1Helmut Butzkueven, 2Tim Spelman, 3Suzanne Hodgkinson, 4Sara Eichau Madueño, 4Guillermo Izquierdo, 5Katherine Buzzard, 5Olga Skibina, 1Anneke Van Der Walt, 6Tomas Kalincik, 7François Grand-Maison

1Department of Neuroscience, Central Clinical School, Monash University, Melbourne, Australia; 2MSBase Foundation, Alfred Centre, 99 Commercial Road, Melbourne, Australia; 3Liverpool Hospital, Sydney, Australia; 4Universitary Hospital Virgen Macarena, Seville, Spain; 5Box Hill Hospital, Melbourne, Australia, Melbourne, Australia; 6MS Centre, Department of Neurology, Royal Melbourne Hospital, Melbourne, Australia; 7Neuro Rive-Sud, Greenfield Park, Canada

Background:

Cladribine tablets are approved for relapsing multiple sclerosis (RMS) treatment in many jurisdictions. MSBase investigators are committed to characterizing real-world longitudinal treatment outcomes using this registry data. The objective of this study was to describe cladribine treatment outcomes in the MSBase cohort. These include baseline characteristics, treatment pathways, discontinuation rate, and relapse outcomes.

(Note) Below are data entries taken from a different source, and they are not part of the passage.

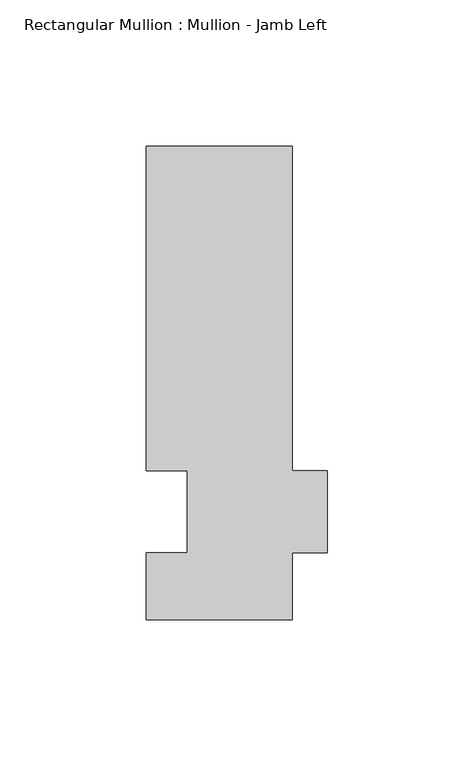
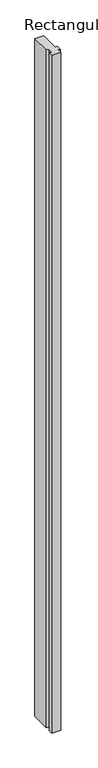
"""IFC4 building model written with IfcOpenShell, lengths in millimetres: member geometry, Rectangular Mullion : Mullion - Jamb Left."""

from ifc_helpers import new_model, si_unit, frame, origin, place, context, project, spatial, polyline, outline, extrude, source, transform, mapped, element, save


def rectangular_mullion_mullion_jamb_left_ca3dfa91(model_context):
    return source(origin(), model_context, "Body", "SweptSolid", [
        extrude(outline(polyline([(-61.980921, -14.0), (-47.980921, -14.0), (-47.980921, 14.0), (-61.980921, 14.0), (-61.980921, 125.0), (-11.980921, 125.0), (-11.980921, 14.0), (0.0, 14.0), (0.0, -14.0), (-11.980921, -14.0), (-11.980921, -37.0), (-61.980921, -37.0), (-61.980921, -14.0)])), frame((0.0, 0.0, -4000.0), z_axis=(0.0, 0.0, 1.0), x_axis=(1.0, 0.0, 0.0)), (0.0, 0.0, 1.0), 4000.0),
    ])


if __name__ == "__main__":
    model = new_model("IFC4")
    model_context = context("Model", 3, world=origin())
    ifc_project = project(units=[si_unit("LENGTHUNIT", "METRE", prefix="MILLI")], contexts=[model_context])
    site = spatial("IfcSite", under=ifc_project)
    building = spatial("IfcBuilding", under=site)
    placement = place(None, origin())
    rectangular_mullion_mullion_jamb_left_shape = rectangular_mullion_mullion_jamb_left_ca3dfa91(model_context)
    element("IfcMember", 1, ObjectType="Rectangular Mullion : Mullion - Jamb Left", at=placement, inside=building, context=model_context, shape_type="MappedRepresentation", body=[
        mapped(rectangular_mullion_mullion_jamb_left_shape, transform((0.0, 0.0, 0.0), x_axis=(1.0, 0.0, 0.0), y_axis=(0.0, 1.0, 0.0), z_axis=(0.0, 0.0, 1.0))),
    ])
    save(model, "model.ifc")

Material(s) and Method(s):

We extracted data from the MSBase registry for all patients with a confirmed diagnosis of MS who were newly treated with cladribine tablets. Descriptive statistics were used to analyse baseline patient characteristics recorded within 3 months prior to cladribine tablets initiation, including demographics, disease course and duration, prior disease-modifying therapies (DMT), and Expanded Disability Status Scale (EDSS). Relapse and discontinuation outcomes were described in patients with a minimum 6-month observation period.

Result(s):

As of 3rd March 2021, a total of 782 patients, predominantly from Australia, Canada and Spain, were included. From those, 696 were relapsing-remitting MS (RRMS) patients. The median age of cladribine tablets start was 43.8 years and median disease duration was 11.8 years. Median EDSS at cladribine initiation was 2 (IQR 1.5,4). Overall, 13.3% of all RRMS patients initiated cladribine tablets as first-line therapy. Of all RRMS patients switching to cladribine tablets with a treatment gap of <6 months, the most common immediate prior DMT was fingolimod (15%), followed by natalizumab (10%) and teriflunomide (9.5%). Total follow-up time was 629 patient-years. Annualized relapse rate (ARR) on cladribine tablets was 0.11 (95% confidence interval [CI]: 0.09-0.14) compared to a 12-month pre-cladribine ARR of 0.41. Treatment persistence was 96% at 12 months (95% CI: 0.94-0.98) and 90% after 24 months (95% CI: 0.85-0.94).

Conclusion(s):

The growing MSBase real-world cladribine tablets cohort shows excellent outcomes to date. The most common switches to cladribine are from other high-efficacy DMTs such as natalizumab or fingolimod. The annualized relapse rate on treatment is 0.11, consistent with clinical trial data. The observed discontinuation rate over 24 months is very low, at 9%.